Wednesday, 7 May 2014

MG enthusiasts?

"I noticed recently a logo on my next-door neighbour’s van indicating that he was an MG enthusiast. I found the idea of an MG enthusiast an intriguing concept, particularly because I would have thought that they were rather few and far between. There certainly aren't many in the teaching profession! 

So, I asked him about these MG enthusiasts and I discovered that there were more of them around than we might expect. I learnt that MG enthusiasts tended to be rather reactionary individuals, a bit right wing politically, wedded to traditional ways of doing things,  dedicated to a way of life fifty years out of date, motivated by nostalgia and memories of life when they were young, committed to the restoration of a vehicle that has been out of production in this country for years, and happy to drive and preserve something that ignores the computer-based technology of the 21st century - but also excited to know that the object of their desire is still in production … in Shanghai!"

The above was my introduction to a talk about the new primary mathematics curriculum last week to a conference at UEA Norwich. I wanted to make clear at the outset that I was not an MG enthusiast, even though I was going to go on to identify some good things in MG's new curriculum (more of that in a later post on this blog).

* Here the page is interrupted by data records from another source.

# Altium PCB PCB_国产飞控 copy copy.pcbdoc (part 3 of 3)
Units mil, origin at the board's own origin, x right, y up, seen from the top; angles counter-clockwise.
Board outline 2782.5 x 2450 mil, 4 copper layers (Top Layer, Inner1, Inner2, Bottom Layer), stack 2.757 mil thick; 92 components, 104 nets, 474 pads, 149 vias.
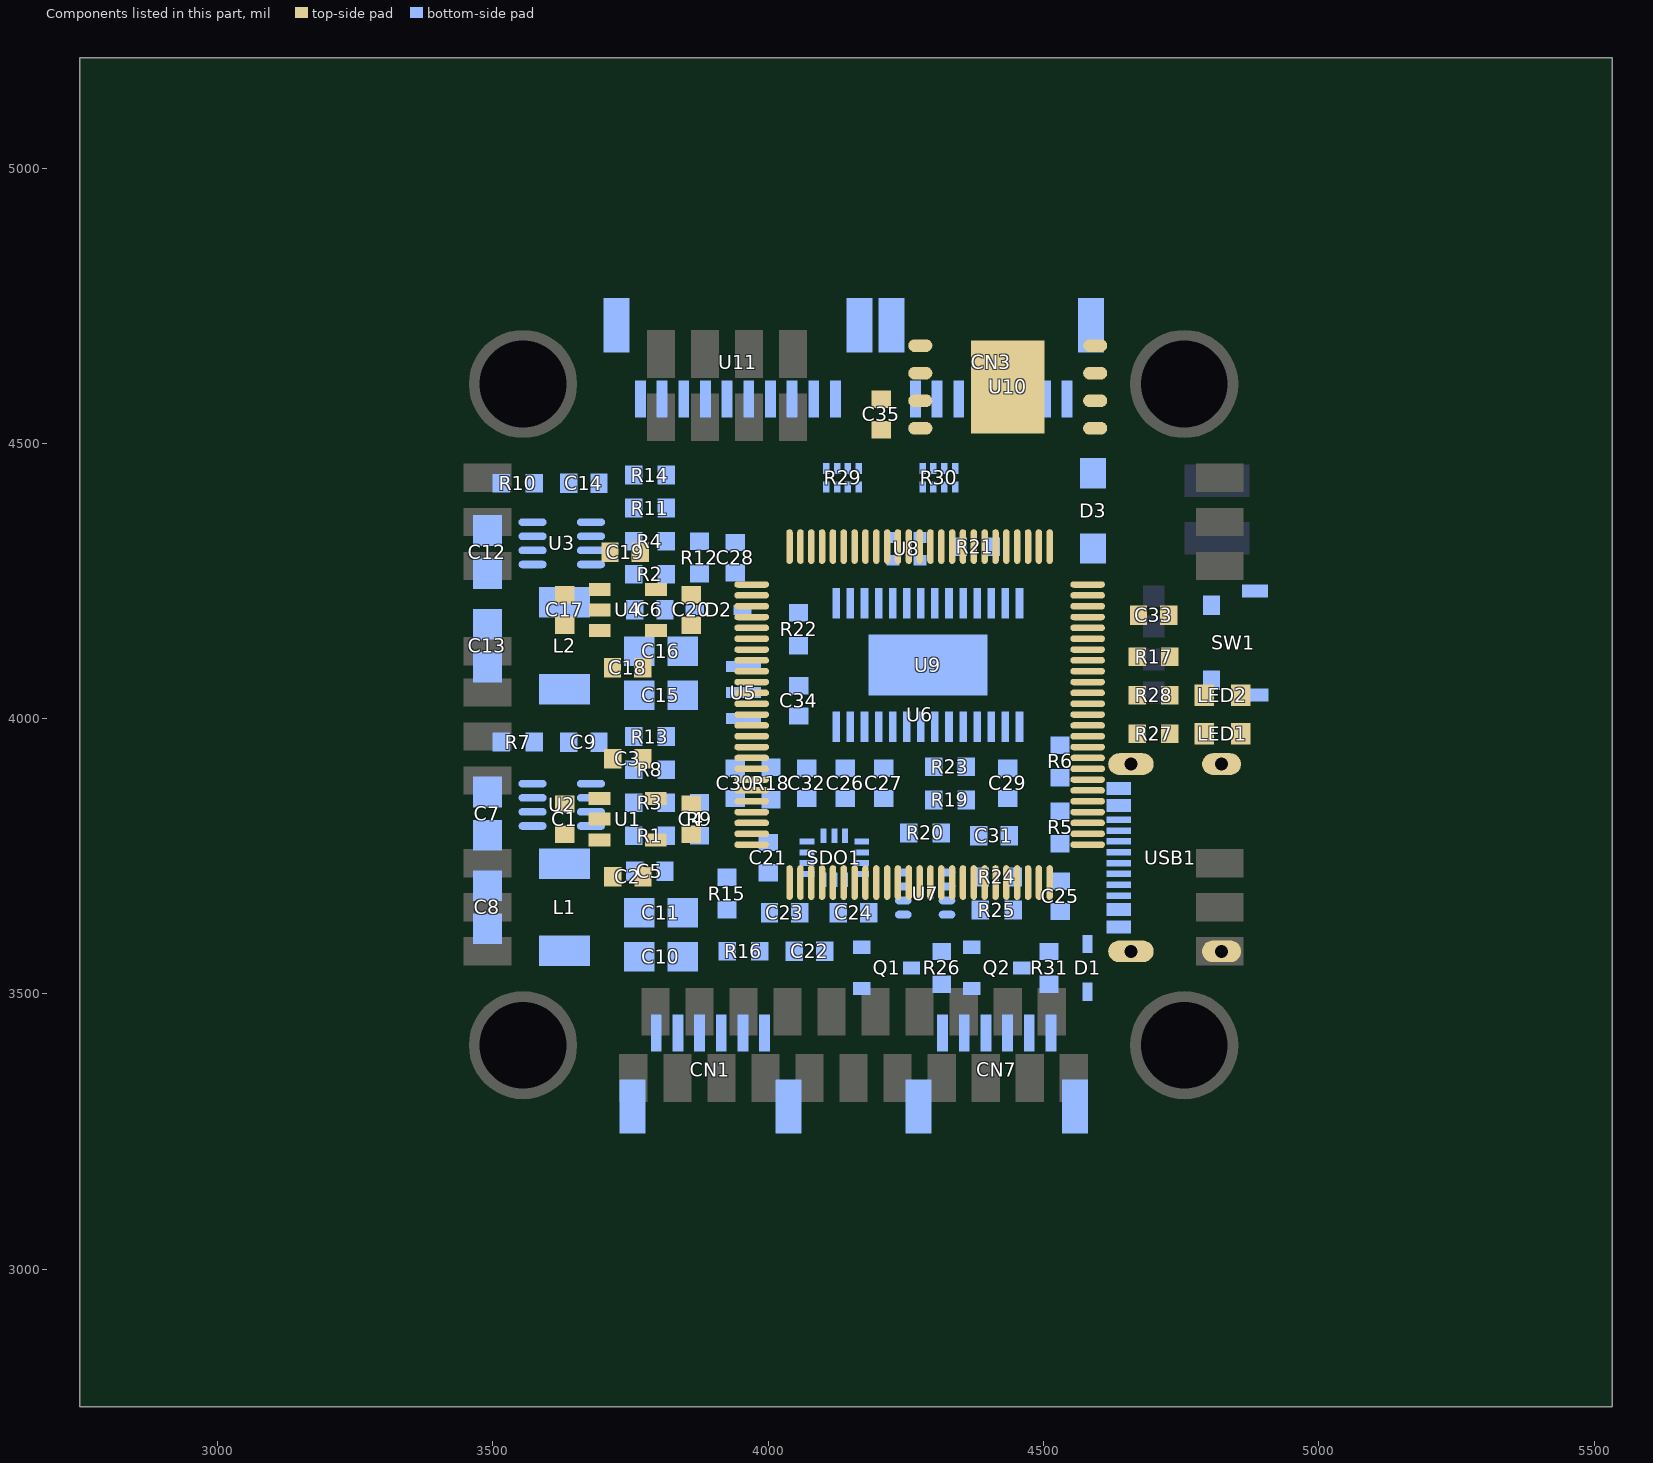
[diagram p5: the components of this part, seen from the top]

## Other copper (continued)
Inner2:
  region net SERVO2: 4358.07,4368.35 4358.07,4386.65 4366.62,4382.5 4366.62,4372.5
  region net SERVO1: 4398.07,4408.35 4398.07,4426.65 4406.62,4422.5 4406.62,4412.5
  region net GYRO_EXTI1: 4195.85,3760.57 4214.15,3760.57 4210,3769.12 4200,3769.12
  region net GYRO_EXTI1: 4490.76,4245.32 4477.82,4258.26 4474.71,4249.29 4481.79,4242.21
  region net +10V: 3757.18,3506.74 3744.24,3519.68 3749.43,3523.07 3760.57,3511.93
  region net UART4_RX: 3915.76,3794.68 3902.82,3781.74 3899.71,3790.71 3906.79,3797.79
  region net UART4_RX: 3880.76,4390.32 3867.82,4403.26 3864.71,4394.29 3871.79,4387.21
  region net 3V3-IMU: 3982.18,3718.26 3969.24,3705.32 3978.21,3702.21 3985.29,3709.29
  region net SERVO2: 4537.18,4031.74 4524.24,4044.68 4533.21,4047.79 4540.29,4040.71
  region net SERVO1: 4630.76,4029.68 4617.82,4016.74 4614.71,4025.71 4621.79,4032.79
  region net UART1_RX: 4642.18,4113.26 4629.24,4100.32 4638.21,4097.21 4645.29,4104.29
  region net UART1_TX: 4525.76,4105.32 4512.82,4118.26 4509.71,4109.29 4516.79,4102.21
  region net VBAT_ADC: 4220.76,3579.68 4207.82,3566.74 4206.46,3573.96 4213.54,3581.04
  region net VBAT_ADC: 3962.18,3613.26 3949.24,3600.32 3958.21,3597.21 3965.29,3604.29
  region net CURRENT1: 4260.76,3629.68 4247.82,3616.74 4244.71,3625.71 4251.79,3632.79
  region net CURRENT1: 3798.07,4468.35 3798.07,4486.65 3806.62,4482.5 3806.62,4472.5
  region net +10V: 3748.07,4623.35 3748.07,4641.65 3755,4640.37 3755,4624.63
  region net VDD: 4685.85,4250.57 4704.15,4250.57 4700,4259.12 4690,4259.12
  region net VDD: 4620.85,4644.43 4639.15,4644.43 4635,4635.88 4625,4635.88
  region net LED: 3540.85,4229.43 3559.15,4229.43 3555,4220.88 3545,4220.88
  region net LED: 3540.85,3775.57 3559.15,3775.57 3555,3784.12 3545,3784.12
  region net +5V: 4025.85,4724.43 4044.15,4724.43 4042.87,4715.88 4027.13,4715.88
  region net +5V: 4090.85,4170.57 4109.15,4170.57 4107.87,4179.12 4092.13,4179.12
  region net +5V: 3655.85,3925.57 3674.15,3925.57 3672.87,3934.12 3657.13,3934.12
  region net +5V: 4530.23,4210.62 4511.93,4210.67 4516.06,4219.2 4526.14,4219.17
  region net +5V: 3713.25,4152.03 3731.55,4152.03 3730.27,4143.48 3714.53,4143.48
  region net 3V3-IMU: 4195.76,3629.68 4182.82,3616.74 4179.71,3625.71 4186.79,3632.79
  region net UART1_RX: 4265.85,3539.43 4284.15,3539.43 4280,3530.88 4270,3530.88
  region net UART1_TX: 4126.74,3464.16 4116.85,3479.56 4126.21,3480.79 4131.75,3472.18
  region net UART1_RX: 4207.18,3466.74 4194.24,3479.68 4203.21,3482.79 4210.29,3475.71
Bottom Layer:
  region net U3_8: 3553.2,4363.79 3590.6,4363.79 3579.77,4370.9 3564.03,4370.9
  region net R7_2: 3553.2,3888.79 3590.6,3888.79 3579.77,3900.9 3564.03,3900.9
  region net VDD: 4316.78,3662.54 4316.77,3676.88 4301.77,3674.7 4301.78,3664.7
  region net I2C_SDA: 4332.64,3688.13 4332.64,3702.47 4342.5,3700.3 4342.5,3690.3
  region net I2C_SDA: 4316.78,3688.13 4316.78,3702.47 4301.78,3700.3 4301.78,3690.3
  region net I2C_SCL: 4332.65,3713.73 4332.64,3728.06 4347.64,3725.9 4347.65,3715.9
  region net VDD: 4253.23,3688.13 4253.23,3702.47 4267.2,3700.3 4267.2,3690.3
  region net VDD: 4253.24,3651.27 4253.23,3636.94 4268.23,3639.1 4268.24,3649.1
  region net R29_5: 3954.84,4547.1 3974.53,4547.1 3969.7,4537.8 3959.7,4537.8
  region net R29_6: 3915.47,4547.1 3935.16,4547.1 3930.3,4537.2 3920.3,4537.2
  region net R29_7: 3876.1,4547.1 3895.79,4547.1 3890.9,4532.1 3880.9,4532.1
  region net CURRENT1: 3757.99,4547.1 3777.68,4547.1 3772.8,4532.1 3762.8,4532.1
  region net UART4_RX: 3797.36,4547.1 3817.05,4547.1 3812.2,4532.1 3802.2,4532.1
  region net R29_8: 3836.73,4547.1 3856.42,4547.1 3851.6,4532.1 3841.6,4532.1
  region net 3V3-IMU: 4017.72,3705.5 4017.72,3730.5 4032.72,3723 4032.72,3713
  region net 3V3-IMU: 3982.28,3730 3982.28,3705 3970,3712.5 3970,3722.5
  region net 3V3-IMU: 3989.9,3704.19 4014.9,3704.19 4007.4,3689.19 3997.4,3689.19
  region net R13_2: 3857.99,3838.27 3888.6,3863.03 3861.69,3871.64 3849.38,3861.69
  region net +10V: 3888.6,3771.97 3857.99,3796.73 3849.38,3773.31 3861.69,3763.36
  region net R8_1: 3764.23,3890.49 3739.47,3921.1 3730.86,3894.19 3740.81,3881.88
  region net R13_2: 3830.53,3924.51 3798.78,3924.51 3806.83,3948.13 3822.57,3948.13
  region net R13_2: 3830.53,3921.1 3805.77,3890.49 3829.19,3881.88 3839.14,3894.19
  region net R7_1: 3590.53,3974.51 3590.53,3940.49 3614.15,3949.63 3614.15,3965.37
  region net R7_2: 3531.22,3970.9 3506.22,3940.49 3529.75,3931.92 3539.8,3944.14
  region net DP: 4547.01,3891.51 4526.67,3876.97 4544.47,3871.26 4552.72,3877.15
  region net D+: 4542.5,3968.03 4517.5,3968.03 4525,3983.03 4535,3983.03
  region net DN: 4547.01,3785.3 4547.01,3760.3 4549.7,3767.8 4549.7,3777.8
  region net D-: 4512.99,3833.49 4533.33,3848.03 4515.53,3853.74 4507.28,3847.85
  region net R3_1: 3764.23,3830.49 3739.47,3861.1 3733.52,3836.86 3744.07,3825.13
  region net VBAT: 3824.08,3830.49 3798.78,3860.66 3790.28,3834.03 3800.45,3821.91
  region net R1_1: 3739.47,3773.9 3764.23,3804.51 3743.27,3810.67 3732.72,3798.94
  region net R1_2: 3798.78,3770.49 3830.53,3770.49 3822.57,3746.87 3806.83,3746.87
  region net +10V: 3864.08,3674.07 3824.71,3674.07 3836.53,3697.7 3852.27,3697.7
  region net +10V: 3849.84,3620.93 3816.62,3642.04 3807.12,3620.09 3820.73,3611.44
  region net +10V: 3762.76,3594.07 3793.38,3569.33 3802.01,3592.73 3789.69,3602.69
  region net +10V: 3737.87,3594.07 3737.87,3540.93 3702.44,3555.69 3702.44,3579.31
  region net R7_1: 3621.69,3975.22 3621.69,3939.78 3598.07,3949.63 3598.07,3965.37
  region net R7_1: 3621.69,3939.78 3653.19,3939.78 3645.27,3916.16 3629.53,3916.16
  region net VBAT: 3463.43,3680.09 3502.21,3724.63 3466.28,3737.32 3450.73,3719.47
  region net VBAT: 3516.57,3839.12 3516.57,3875.98 3540.2,3864.17 3540.2,3848.42
  region net VBAT: 3463.43,3894.63 3463.43,3839.12 3435,3855.09 3435,3878.71
  region net R1_2: 3828.31,3740.22 3796.81,3740.22 3806.83,3763.84 3822.57,3763.84
  region net L1_1: 3741.69,3740.22 3741.69,3704.78 3718.07,3714.63 3718.07,3730.37
  region net R12_2: 3676.26,4026.2 3676.26,4072.03 3711.69,4054.31 3711.69,4030.69
  region net U3_6: 3676.26,4183.68 3676.26,4217.19 3699.88,4205.37 3699.88,4189.63
  region net U3_6: 3649.68,4238.8 3610.32,4238.8 3622.13,4262.42 3637.87,4262.42
  region net R12_2: 3879.68,4188.54 3850.16,4188.54 3852.13,4164.92 3867.87,4164.92
  region net R12_2: 3855.32,4206.46 3883.43,4206.46 3882.87,4230.08 3867.13,4230.08
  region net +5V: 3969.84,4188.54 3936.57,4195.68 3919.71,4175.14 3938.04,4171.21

Unfortunately, some members of my audience missed the subtlety of what I was saying (initially) and had to have it explained to them later!

Saturday, 12 April 2014

Context-free calculations

So we now know that the national tests for children at the end of Key Stage 2 from 2016 onwards will include one paper (of the three) that will consist of context-free calculations.

That seems a strange idea to me. Mathematics – as far as I understand it as a humble mathematician –
does not generate calculations without a context. Calculations only ever occur in a context. Normally this would be a practical context in which mathematics is being applied, and where the numbers are likely to be attached to sets of items or units of measurement of some kind. Even in pure mathematics, on the rare occasions you might want to do a calculation it would be to investigate the relationships between two numbers that have some property – like finding the ratio of successive terms of the Fibonacci  sequence (1, 1, 2, 3, 5, 8, 13, 21, ...) – so there is a context which provides the need to do the calculation.

Yet our children will be given a test paper consisting entirely of context-free calculations, to be done by prescribed formal written methods, the argument being that these calculations are 'the fundamental processes' of mathematics.